Daylight was running out as I hit crabtree creek.  I was thinking about camping there.  I already saw one tent.  The mosquitoes were all over I constantly move around.  I couldn’t think well.  My thigh was hurting.  Nosebleed, Ramses, and California Gold showed up and crossed crabtree creek.  They said this was a bad spot because of the mosquitoes.  I followed them.  We walked along Whitney creek.  They crossed, but I stayed on a campsite on the north side next to the San Diego group.  I hurried to get ready.  I had no appetite.  I tried to force myself to eat some beans / rice.  My neighbor smoked weed, which really bothered me.  I left the city to get away from that crap.  But whatever, I needed rest for an early start to Whitney.
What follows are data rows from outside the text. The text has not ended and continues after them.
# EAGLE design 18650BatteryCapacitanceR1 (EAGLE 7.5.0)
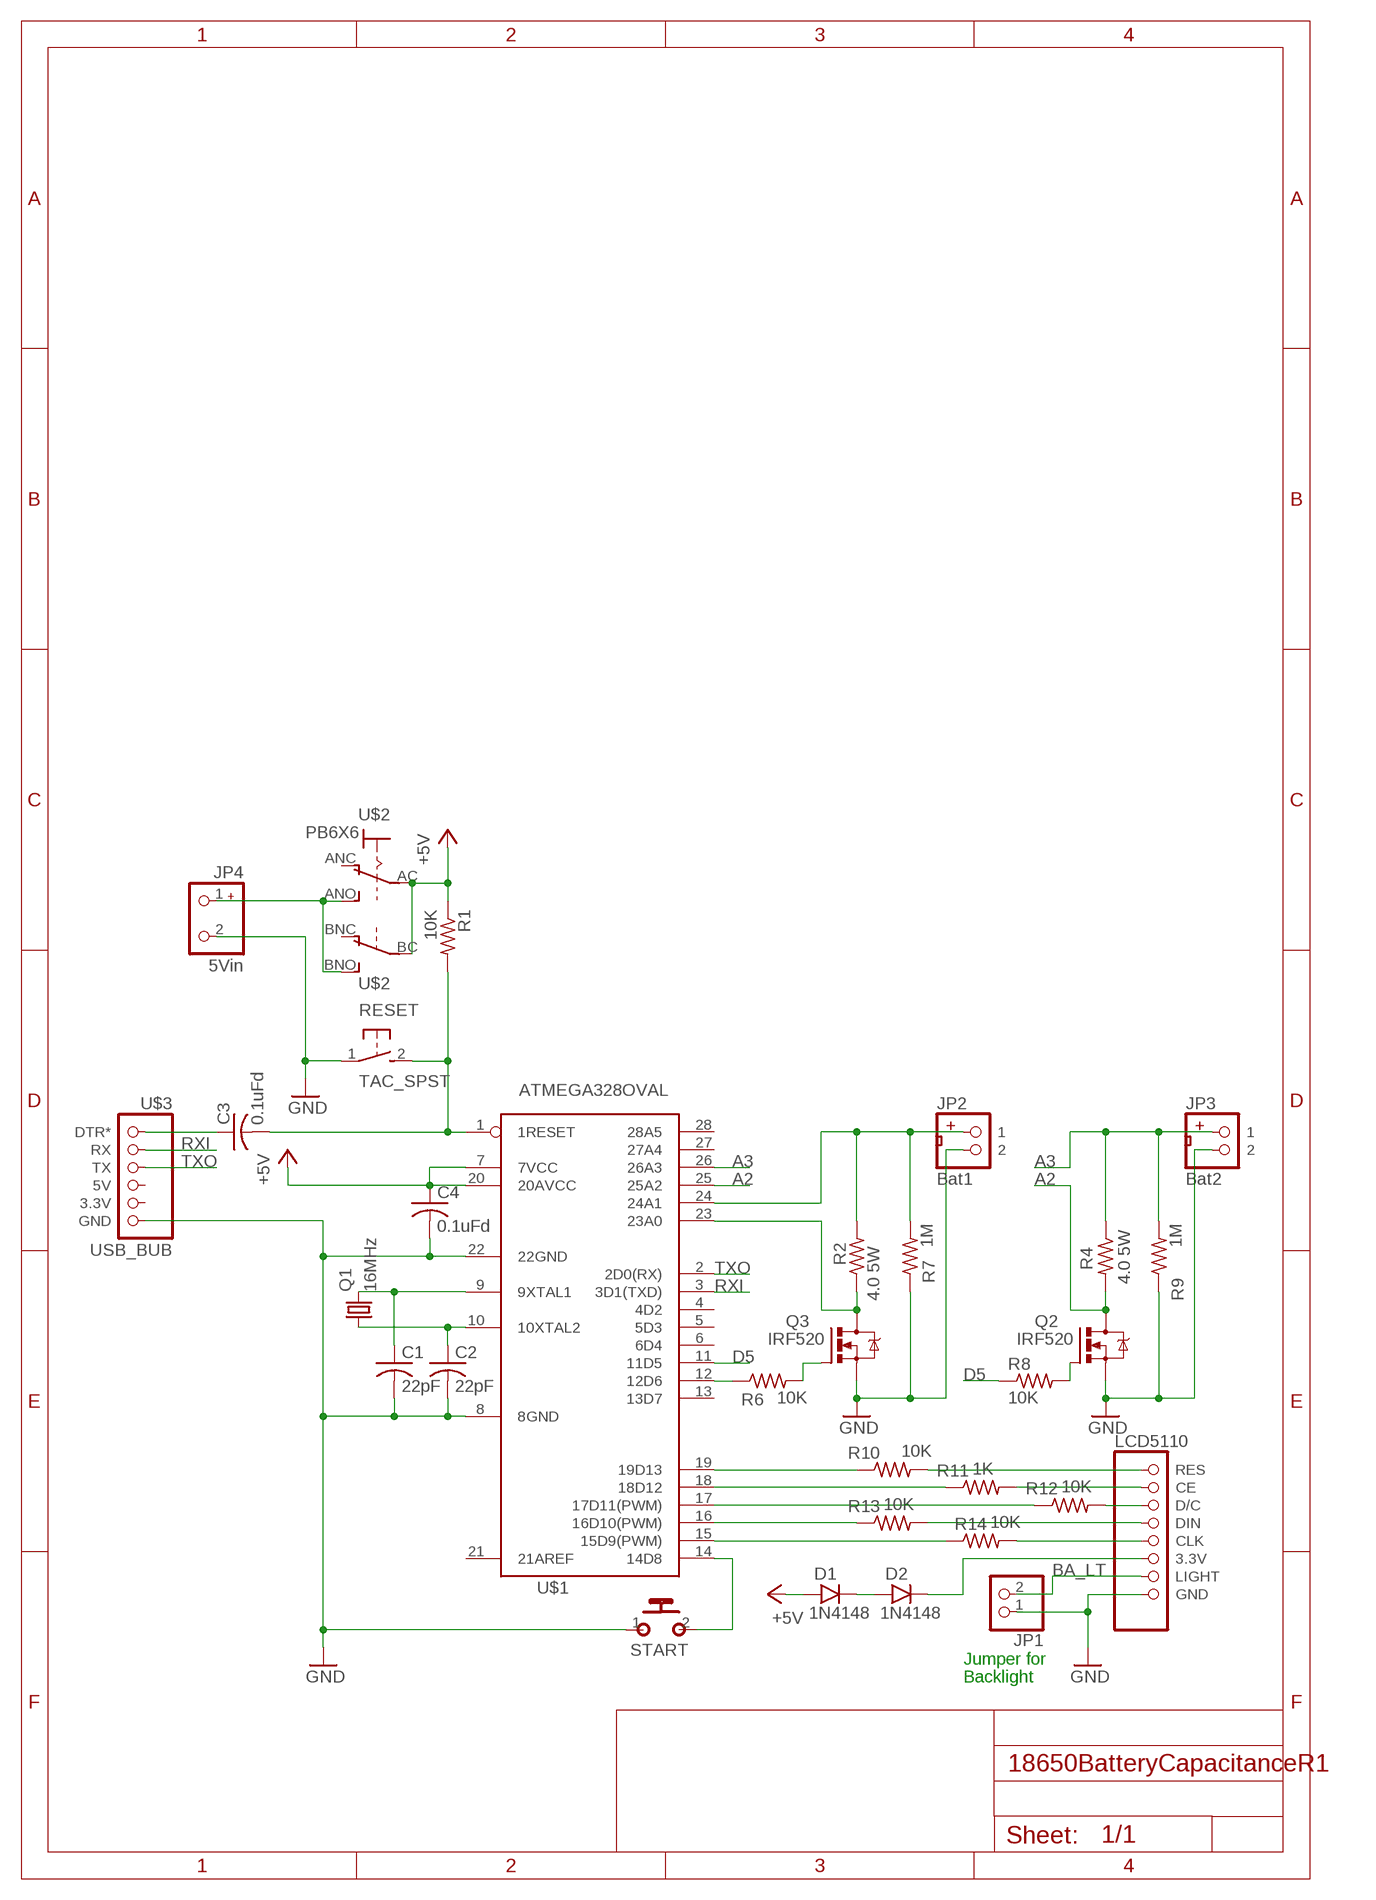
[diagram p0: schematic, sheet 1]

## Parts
C1  22pF  C-US025-025X050  [C025-025X050]
C2  22pF  C-US025-025X050  [C025-025X050]
C3  0.1uFd  C-US075-032X103  [C075-032X103]
C4  0.1uFd  C-US025-025X050  [C025-025X050]
D1  1N4148  1N4148-3  [DO35-3]
D2  1N4148  1N4148-3  [DO35-3]
JP1  PINHD-1X2  [1X02]
JP2  Bat1  JST2.0  [JST2.0]
JP3  Bat2  JST2.0  [JST2.0]
JP4  5Vin  KF301  [KF301]
LCD5110  LCD5110_1TOP  [LCD5110T1]
Q1  16MHz  CRYSTALHC49S  [HC49/S]
Q2  IRF520  [TO220BV]
Q3  IRF520  [TO220BV]
R1  10K  R-US_0207/7  [0207/7]
R2  4.0 5W  R-US_0922/22  [0922/22]
R4  4.0 5W  R-US_0922/22  [0922/22]
R6  10K  R-US_0207/7  [0207/7]
R7  1M  R-US_0207/2V  [0207/2V]
R8  10K  R-US_0207/7  [0207/7]
R9  1M  R-US_0207/2V  [0207/2V]
R10  10K  R-US_0207/2V  [0207/2V]
R11  1K  R-US_0207/2V  [0207/2V]
R12  10K  R-US_0207/2V  [0207/2V]
R13  10K  R-US_0207/2V  [0207/2V]
R14  10K  R-US_0207/2V  [0207/2V]
RESET  TAC_SPST  [TACTILE-SPST]
START  MOMENTARY  [SPST]
U$1  ATMEGA328OVAL  [DIL28-3]
U$2  PB6X6  [PB6X6]
U$3  USB_BUB  [USB_BUB]

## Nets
+5V: C4.1 D1.A R1.1 U$1.7(7VCC) U$1.20(20AVCC) U$2.AC(P) U$2.BC(P)
A2: Q2.D R4.2 U$1.25(25A2)
A3: JP3.1 R4.1 R9.2 U$1.26(26A3)
BA_LT: JP1.2 LCD5110.LIGHT
D5: R8.1 U$1.11(11D5)
GND: C1.2 C2.2 C4.2 JP1.1 JP2.2 JP3.2 JP4.2 LCD5110.GND Q2.S Q3.S R7.1 R9.1 RESET.1 START.1(P) U$1.8(8GND) U$1.22(22GND) U$3.GND
N$1: C1.1 Q1.2 U$1.9(9XTAL1)
N$2: C2.1 Q1.1 U$1.10(10XTAL2)
N$3: D2.C LCD5110.3.3V
N$4: JP4.1 U$2.ANO(S) U$2.BNO(S)
N$5: START.2(S) U$1.14(14D8)
N$6: C3.2 R1.2 RESET.2 U$1.1(1RESET)
N$7: C3.1 U$3.DTR*
N$8: Q2.G R8.2
N$9: D1.C D2.A
N$10: R10.1 U$1.19(19D13)
N$11: R11.1 U$1.18(18D12)
N$12: R12.1 U$1.17(17D11(PWM))
N$13: R13.1 U$1.16(16D10(PWM))
N$14: R14.1 U$1.15(15D9(PWM))
N$15: R6.1 U$1.12(12D6)
N$16: Q3.G R6.2
N$18: Q3.D R2.1 U$1.23(23A0)
N$20: JP2.1 R2.2 R7.2 U$1.24(24A1)
N$24: LCD5110.RES R10.2
N$25: LCD5110.CE R11.2
N$26: LCD5110.D/C R12.2
N$27: LCD5110.DIN R13.2
N$28: LCD5110.CLK R14.2
RXI: U$1.3(3D1(TXD)) U$3.RX
TXO: U$1.2(2D0(RX)) U$3.TX
Unconnected: U$1.4(4D2) U$1.5(5D3) U$1.6(6D4) U$1.13(13D7) U$1.21(21AREF) U$1.27(27A4) U$1.28(28A5) U$2.ANC(O) U$2.BNC(O) U$3.3.3V U$3.5V

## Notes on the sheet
- Jumper for
- Backlight

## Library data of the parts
C1-C4 = rcl:C-US: CAPACITOR, American symbol
D1 D2 = gm-diodes:1N4148: Fast Switching Diode
JP1 = pinhead:PINHD-1X2: PIN HEADER
JP2 JP3 = MTS_Custom:JST2.0
JP4 = MTS_Custom:KF301
LCD5110 = MTS_Custom:LCD5110_1
Q1 = crystal:CRYSTAL: CRYSTAL; OC_FARNELL: 1667008; OC_NEWARK: unknown
Q2 Q3 = transistor-power:IRF520: HEXFET Power MOSFET
R1 R6-R14 = rcl:R-US_: RESISTOR, American symbol
R2 R4 = resistor:R-US_: RESISTOR, American symbol
RESET = MTS_Custom:TAC_SPST: Tactile switch SPST 7mm lead spacing
START = MTS_Custom:MOMENTARY
U$1 = MTS_Custom:ATMEGA328
U$2 = MTS_Custom:PB6X6: Pushbutton 6mm x 6mm DPDT. should be the same for momentary and latching.
U$3 = MTS:USB_BUB

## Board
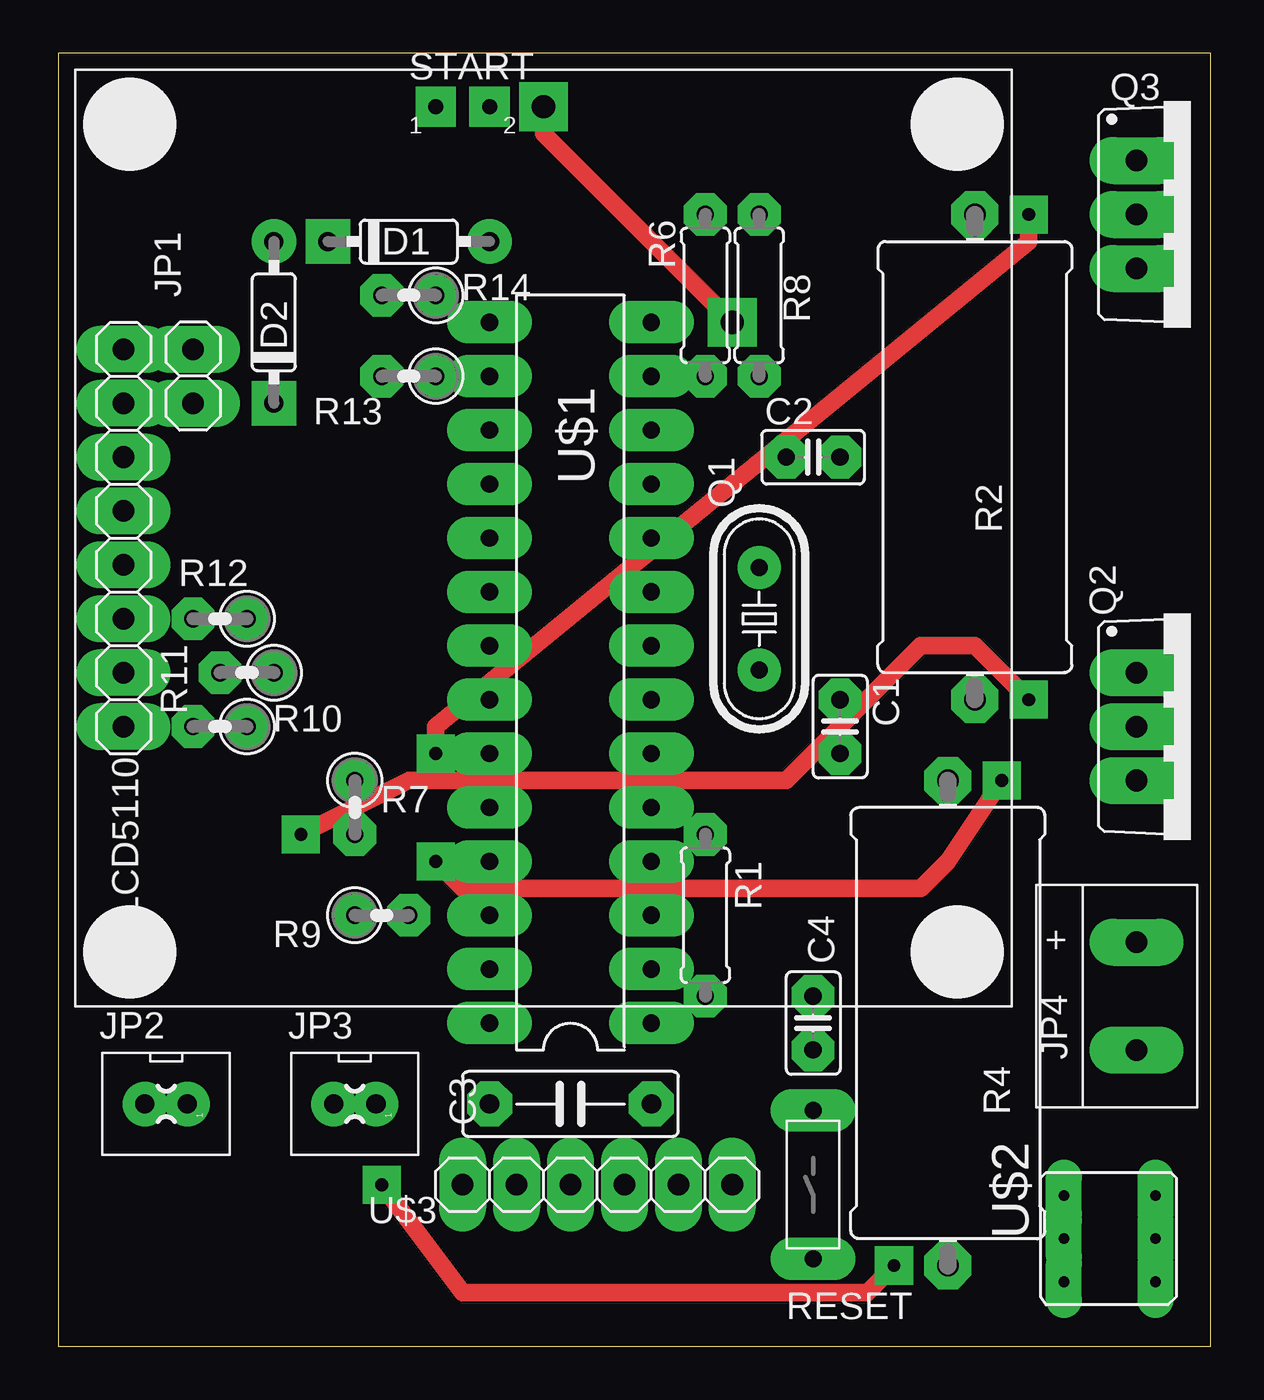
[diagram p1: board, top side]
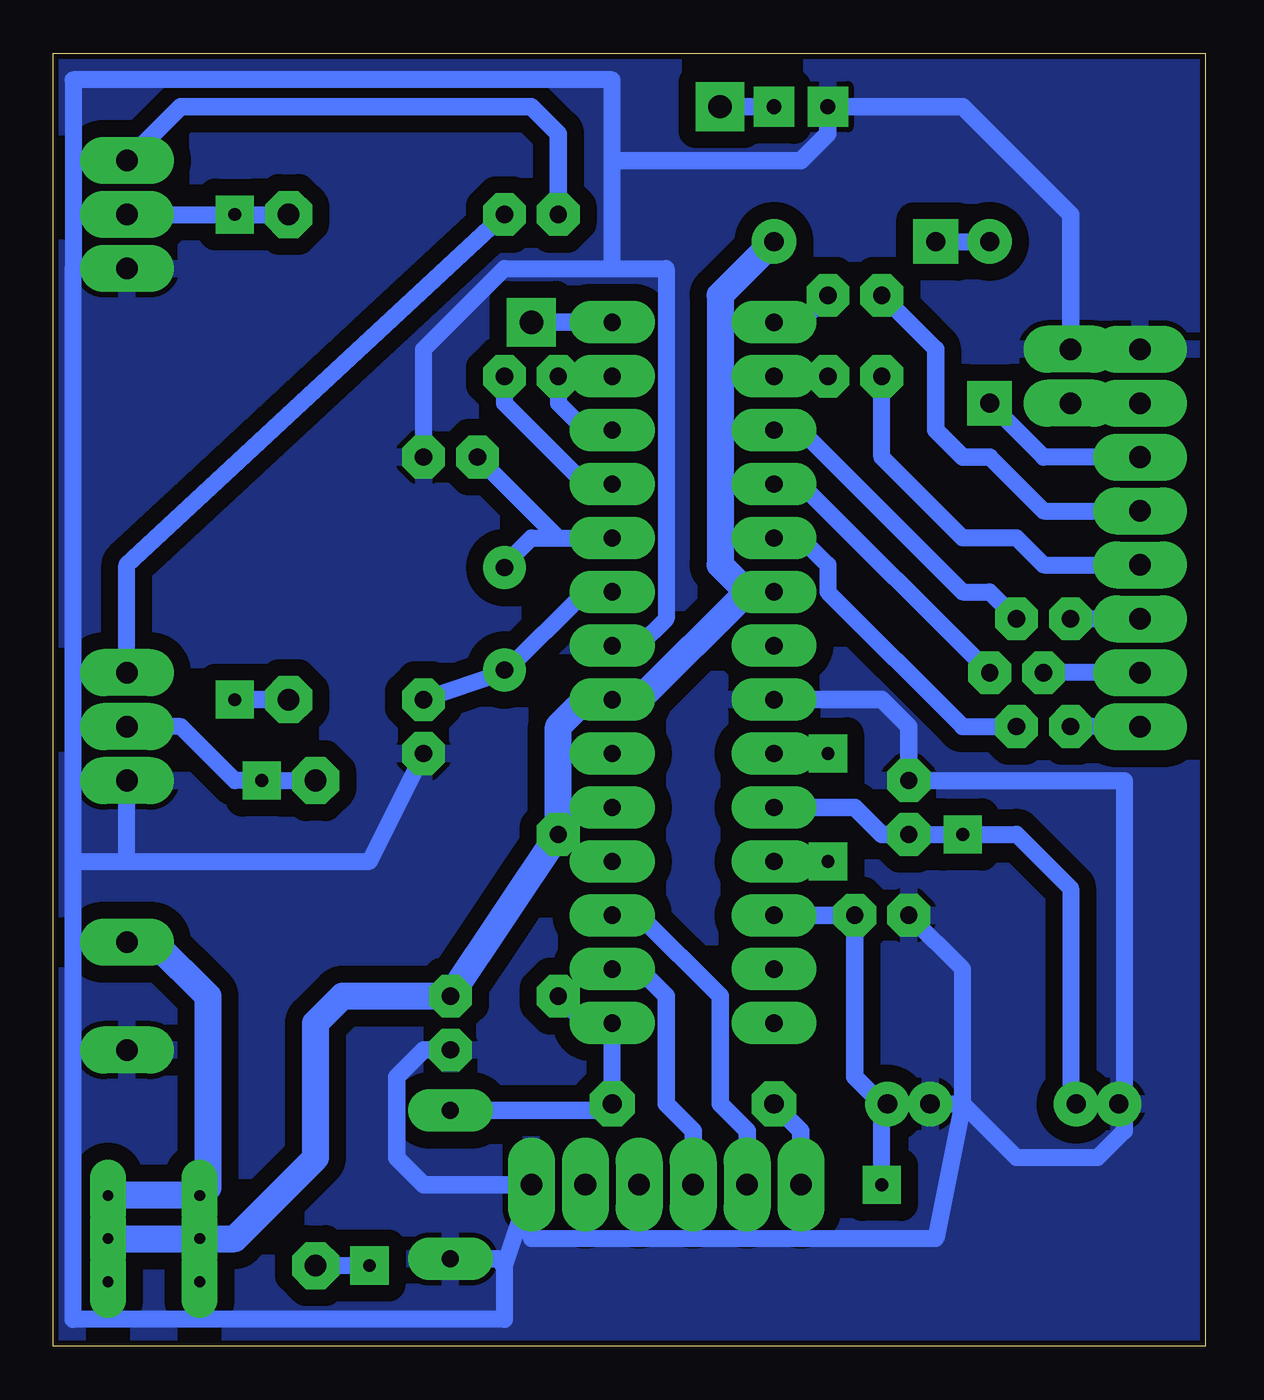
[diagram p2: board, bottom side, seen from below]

Size 54.28 x 60.95 mm. Coordinates in mm from the lower left corner, seen from the top.
Outline: 0,0 54.28,0 54.28,60.95 0,60.95 0,0
Copper layers (1*16): Top 0.035mm / dielectric 1.5mm / Bottom 0.035mm
Design rules "hobby": minimum track width 0.8mm, minimum drill 0.8mm, track to track 0.8mm, track to pad 0.8mm, pad to pad 0.45mm, via to via 0.8mm, smd to smd 8mil, copper to edge 10mil, drill to drill 8mil, minimum pad ring 0.6mm, minimum via ring 0.6mm, stop-mask expansion 0mil, vias tented up to drill 0mil, thermal gap 10mil

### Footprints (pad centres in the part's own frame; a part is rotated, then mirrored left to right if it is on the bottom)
C025-025X050 = drill 0.813 octagon: 1 -1.27,0; 2 1.27,0
C075-032X103 = drill 0.914 octagon: 1 -3.81,0; 2 3.81,0
DO35-3 = drill 0.9: A 3.81,0 | drill 0.9 square: C -3.81,0
1X02 = drill 1.016 long: 1 -1.27,0; 2 1.27,0
JST2.0 = drill 0.9 pad 1.016: 1 0,-1; 2 0,1
KF301 = drill 1.016 long: 1 -2.54,0; 2 2.54,0
LCD5110T1 = drill 1.016 long: 3.3V 3.81,19.78; CE -6.35,19.78; CLK 1.27,19.78; D/C -3.81,19.78; DIN -1.27,19.78; GND 8.89,19.78; LIGHT 6.35,19.78; RES -8.89,19.78
HC49/S = drill 0.813: 1 -2.413,0; 2 2.413,0
TO220BV = drill 1.016 long: D 0,-2.54; G -2.54,-2.54; S 2.54,-2.54
0207/7 = drill 0.813 octagon: 1 -3.81,0; 2 3.81,0
0922/22 = drill 1.016 octagon: 1 -11.43,0; 2 11.43,0
0207/2V = drill 0.813 octagon: 1 -1.27,0; 2 1.27,0
TACTILE-SPST = drill 0.8 long: 1 0,3.5; 2 0,-3.5
SPST = drill 0.7 square: 1 -1.27,0; 2 1.27,0
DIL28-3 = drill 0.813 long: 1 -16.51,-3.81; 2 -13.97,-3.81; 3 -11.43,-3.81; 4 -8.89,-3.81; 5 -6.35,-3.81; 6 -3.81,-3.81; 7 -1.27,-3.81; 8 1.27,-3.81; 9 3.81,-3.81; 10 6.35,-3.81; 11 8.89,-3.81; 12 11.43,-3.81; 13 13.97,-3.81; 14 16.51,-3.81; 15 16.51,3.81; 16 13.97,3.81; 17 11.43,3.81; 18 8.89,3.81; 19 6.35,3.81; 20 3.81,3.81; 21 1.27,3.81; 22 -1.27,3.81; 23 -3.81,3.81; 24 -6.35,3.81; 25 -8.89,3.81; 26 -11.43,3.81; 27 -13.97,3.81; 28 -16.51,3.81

I started before dawn and trekked up to the base of Whitney ascent.  I was 6 miles away from my Ranger Station campsite.  Farther thank I thought.  I had used up a lot of time and energy just to get to the base.  I drank a quart of water.  Filled both of my quarts and started up.  I was exhausted. It was slow going.  Groups of people passed me.  My pack was killing my shoulders.  I met one climber coming down, who said she couldn’t do it, that she couldn’t get past the ice traverse on the top of the switch backs.  I climbed on.  People looked like ants down below.  I looked up and I’d occasionally see someone so high, that I couldn’t believe I had so far to go.  People started to pass me on the way down.  “You have about 2 miles of up to go” “It get’s steeper and harder to breath.”  “There is no water up there and no snow.”  My nose continued to bleed but I kept going.  I made it past one ice traverse.  I reached the second.  It was after noon.  I had less than 1/2 quart of water.  The second Ice traverse in front me slide into a rock pile.  I was tired.  My back hurt.  I decided to turn around and go back down.   I was at about 13000 feet.

On my way down I encountered a group of 3 hikers coming in from Independence via Kesarge pass.  They intimated that the hike over Forrester to here was the hardest hiking they had ever done and suggest I do some soul searching as to whether I could do it.   I made camp where the Whitney trail meets up with the PCT after a little creek.  I had some food and determined that that nasty smell wasn’t just BO, but that my chaffing had become infected and was oozing puss.  I washed it the best I could, used my rubbing alcohol and Neosporin gauze and tape.  I went to bed thinking about my failures and warnings:

  • Maximum risk for a June start…don’t be irresponsible reschedule
  • SEKI warnings about death and snow melts.
  • New Army Pass FAIL
  • Cottonwood Pass couple warnings about Tyndall creek.
  • Infected Leg
  • Mount Whitney Failure
  • Going through snow was harder than I thought.
  • Failing Nutrition system and no appetite.

Perhaps I should bail out at Kesarge.  Four nights in, with 2 more until Kesarge, I was having little success…should I quit?